Key Responsibilities
AI Security Architecture
- Define and own the enterprise AI security strategy and architecture: Develop a comprehensive approach for securing AI technologies across the organization, addressing both external AI-driven threats and internal AI use.
- Architect and oversee robust AI security controls: Ensure the design and implementation of enterprise-wide AI security controls and guardrails.
- Establish technical guardrails against AI-specific threats: Define and implement protective mechanisms to defend against risks unique to AI.
- Secure AI agents and integration points: Provide architecture leadership for the safe design of AI agent frameworks, Model Context Protocol (MCP) servers, and model gateway integrations.
- Counter AI-enabled threats with a blue-team mindset: Continuously evaluate and anticipate emerging threats from malicious AI usage. Drive the incorporation of AI-related threat intelligence into the security program.
AI Risk, Governance & Strategy
- Establish enterprise AI security policies and standards: Define and maintain enterprise-wide standards for AI data handling, logging, monitoring, identity, and access management for AI systems.
- Lead AI security governance and risk management: Own the AI security governance framework, ensuring alignment with overall cybersecurity and business strategy.
- Drive AI risk assessment and review processes: Architect a rigorous risk assessment program for AI projects and usage.

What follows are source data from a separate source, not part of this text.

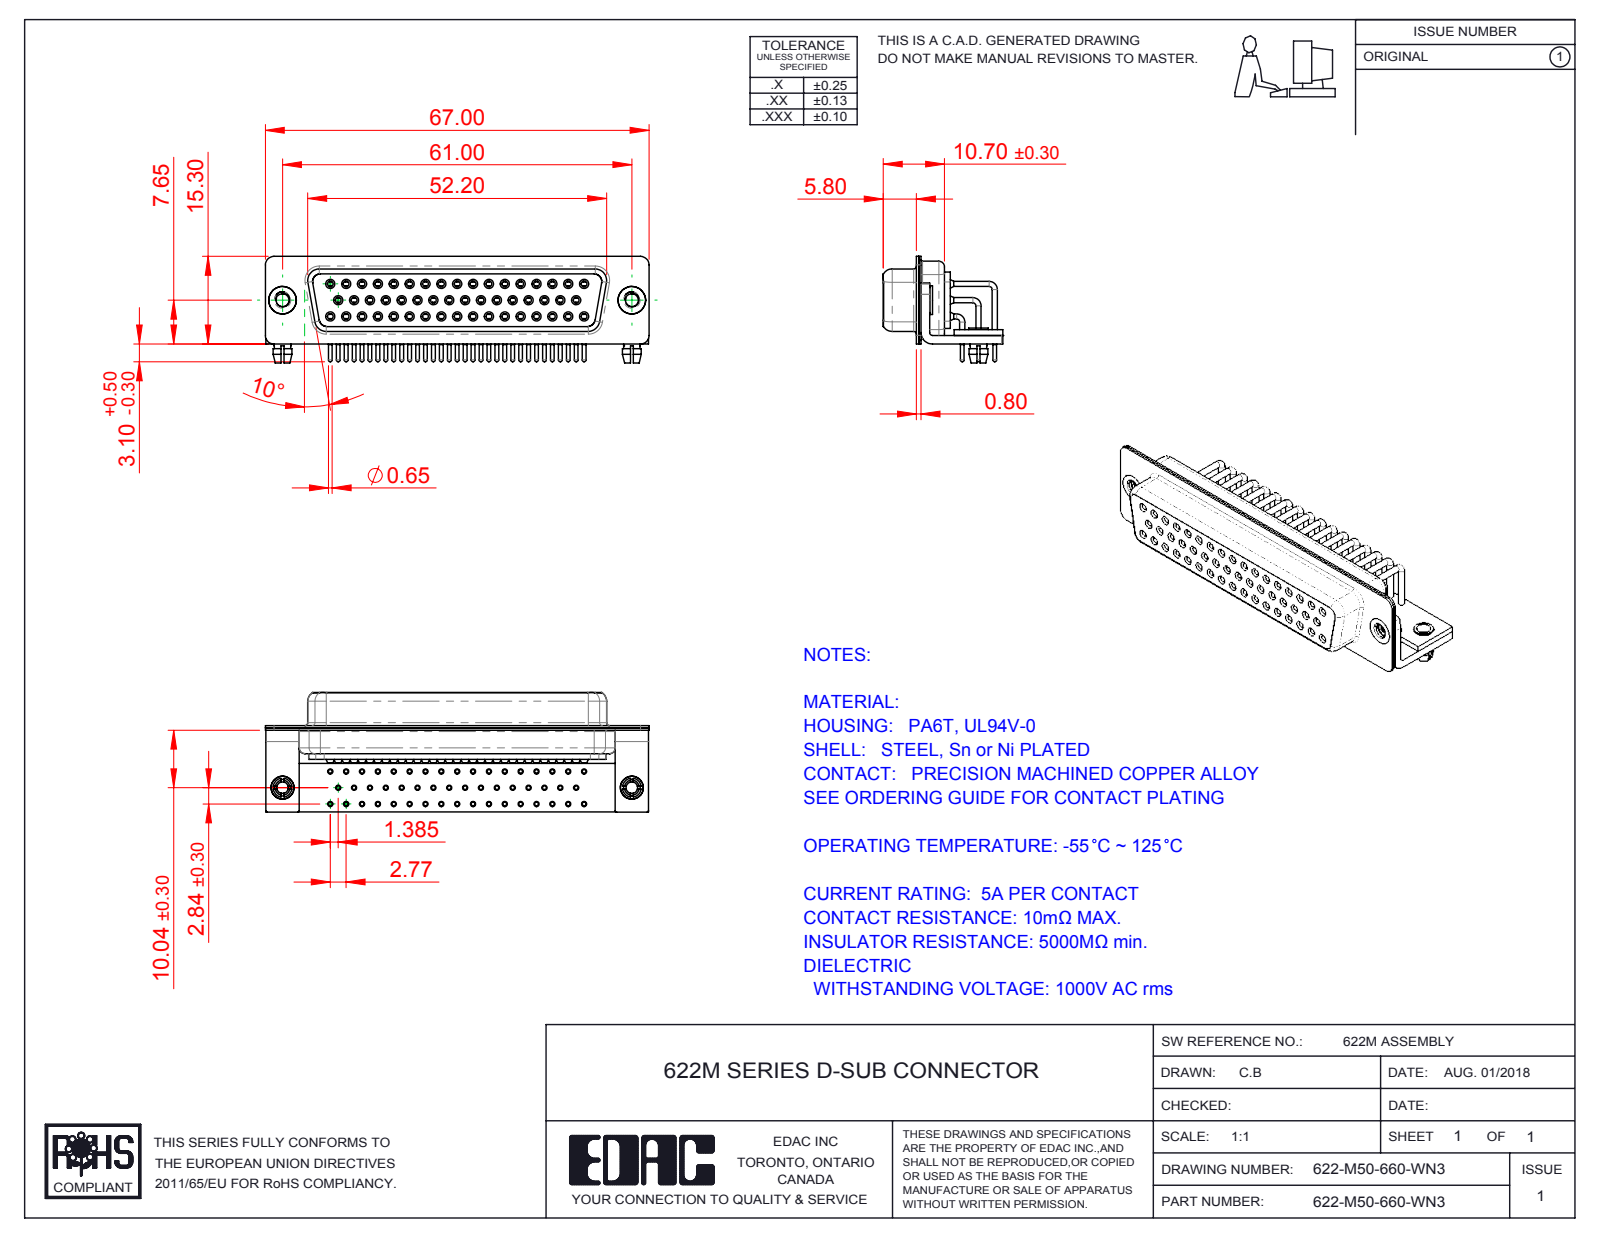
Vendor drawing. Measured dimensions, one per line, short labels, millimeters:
name: 622M Shell Front_50 Contacts; 622M Housing_50 Contacts; 622-M50-660-WN3; 622M Board Lock_50 Contacts (+7 more)
written by: SolidWorks 2016 (CONFIG_CONTROL_DESIGN)
unit: mm
bodies: 60 solids, 3171 faces (891 planar, 1441 cylindrical, 839 other)
size: 67 × 20.9 × 18.6
volume: 7 790 mm³; area: 18 357 mm²
holes: 52× ⌀2, 50× ⌀0.9, 50× ⌀1, 50× ⌀1.1, 50× ⌀1.7, 50× ⌀1.8, 2× ⌀2.26, 2× ⌀2.5, 2× ⌀3.2, 2× ⌀4, 2× ⌀4.8
bosses: 59× ⌀0.9, 50× ⌀1.6, 50× ⌀1.5, 50× ⌀0.65, 2× ⌀5, 2× ⌀4.9, 2× ⌀4, 2× ⌀3.4
rounds: 16× R0.25, 16× R1.5, 13× R2, 8× R1.35, 8× R1.6, 5× R0.5, 4× R0.6, 4× R0.65
face distances: 0.4, 1, 2.2, 0.85, 1.35, 11.85, 12.25, 5.8, 5.9, 0.8
hole spacings: 2.77, 3.16, 5.54, 8.31, 11.08, 13.85, 16.62, 19.39
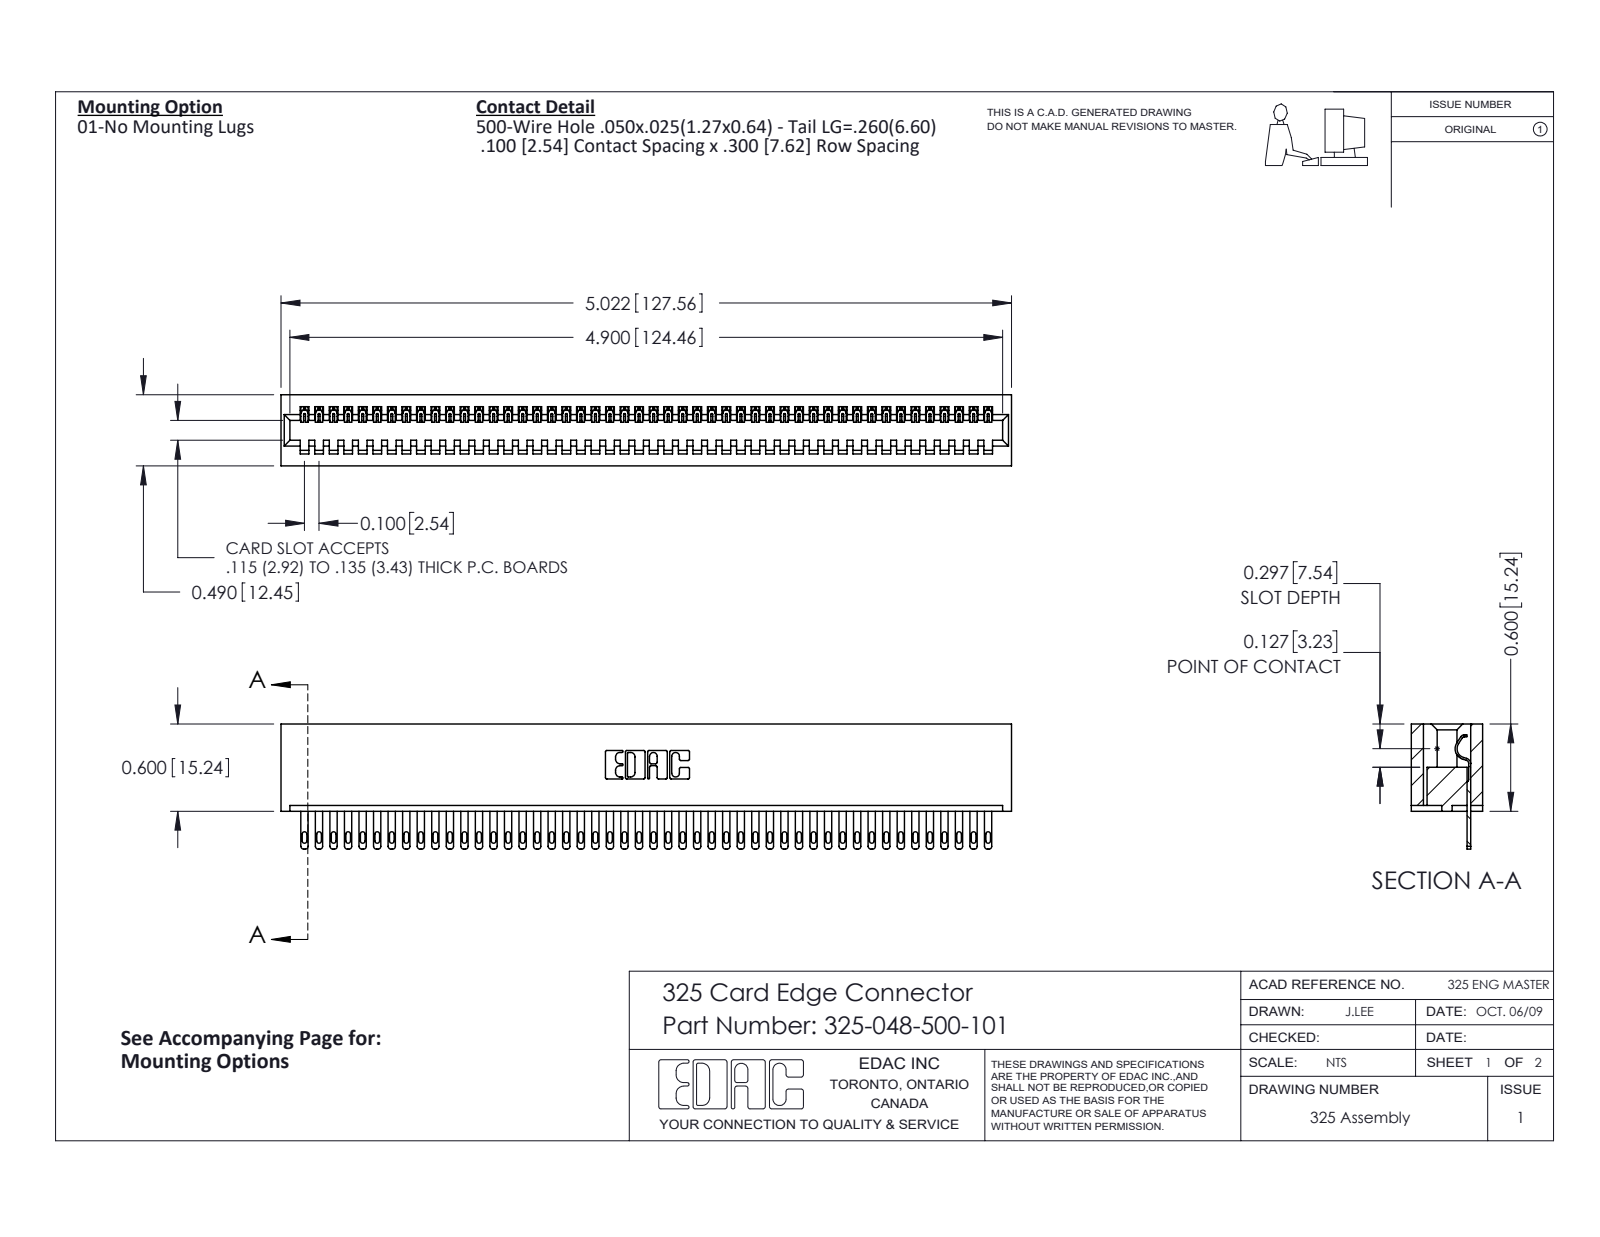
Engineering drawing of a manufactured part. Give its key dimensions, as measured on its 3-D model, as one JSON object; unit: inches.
{"part_name": "325-048-500-101; 325-292-001_325-293-100; 325 Part_Lugless", "step_written_by": "SolidWorks 2016 (CONFIG_CONTROL_DESIGN)", "units": "inches", "bodies": {"solids": 49, "faces": 2698, "planar": 1794, "cylindrical": 904, "other": 0}, "overall_size": [5.022, 0.86, 0.49], "volume_in3": 1.028, "surface_area_in2": 29.61, "partial_cylinders_radius": [[0.006, 96], [0.016, 96], [0.02, 96], [0.01, 22], [0.007, 6], [0.031, 6], [0.026, 3], [0.014, 1]], "face_to_face_distances": [0.083, 0.407, 0.49, 0.3, 0.107, 0.383, 0.025, 0.325, 0.56, 0.263]}
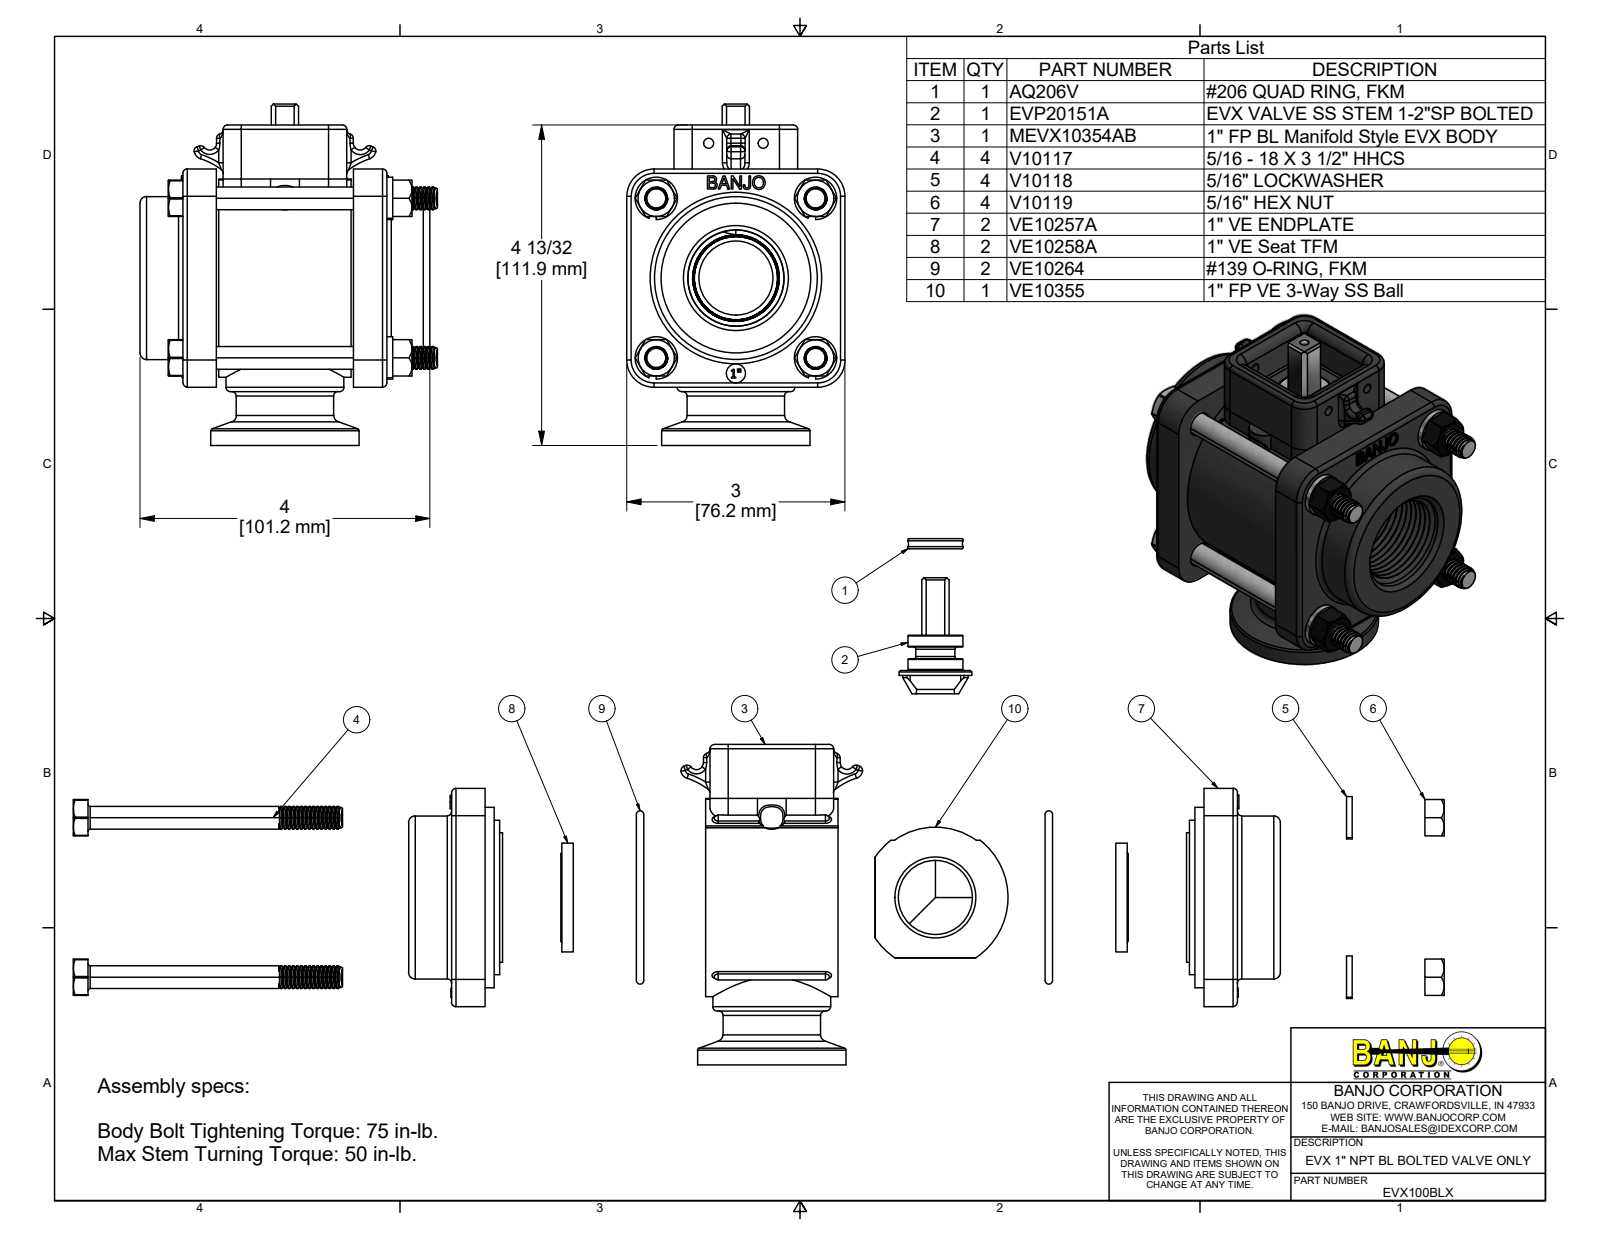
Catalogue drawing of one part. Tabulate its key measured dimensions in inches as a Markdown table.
| quantity | value |
| --- | --- |
| part name | EVX100BLX; MEVX10354AB; MEVX10354ABX; VE10355 (+8 more) |
| STEP written by | Autodesk Inventor 2019 (AUTOMOTIVE_DESIGN) |
| units | inches |
| bodies | 22 solids, 1547 faces (362 planar, 532 cylindrical, 653 other) |
| overall size | 38.771 × 4.693 × 3 |
| volume | 21.36 in³ |
| surface area | 351.2 in² |
| round holes (diameter × count) | 0.252 × 4, 0.322 × 4, 0.35 × 4, 1.02 × 3, 0.135 × 2, 0.26 × 1, 0.76 × 1, 1.38 × 1, 1.5 × 1, 2.12 × 1, 2.375 × 1, 2.5 × 1 |
| round bosses / shafts (diameter × count) | 0.268 × 60, 0.583 × 4, 0.313 × 4, 2.725 × 1, 2.48 × 1, 2.24 × 1, 2.124 × 1, 2.04 × 1 |
| partial cylindrical surfaces (radius × count) | 0.06 × 58, 0.03 × 12, 0.134 × 8, 0.375 × 8, 0.125 × 6, 0.21 × 4, 0.25 × 4, 0.284 × 4 |
| main face-to-face distances | 0.46, 2.345, 2.805, 1.885, 3, 0.125, 0.59, 1.05, 2.935, 3.395 |
| hole center spacings | 1.55, 2.192, 1.046, 1.117, 1.891, 2.644, 3.1, 3.186 |

Lead the security review of new AI tools, pilots, and proofs of concept in collaboration with the AI innovation teams, setting the criteria for evaluation and required security controls.
- Align with NIST 800-53 and emerging AI frameworks: Ensure that all AI security controls, policies, and architectures align with the company's adherence to NIST 800-53 and relevant AI risk management frameworks (such as NIST AI RMF).
- Metrics-driven oversight and executive reporting: Define key metrics and generate executive-level reporting on AI security posture, usage risks, and data protection effectiveness.
- Lead AI-related incident response & learning: Oversee the incident response strategy for AI-related security incidents, such as inadvertent data exposure through AI tools, malicious AI agent behaviors, or external AI-driven attacks.
Data Protection & Data Loss Prevention (DLP) Architecture
- Architect enterprise data protection and DLP controls: Serve as the technical owner of Data Loss Prevention (DLP) and data security architecture across the company's IT and OT environments.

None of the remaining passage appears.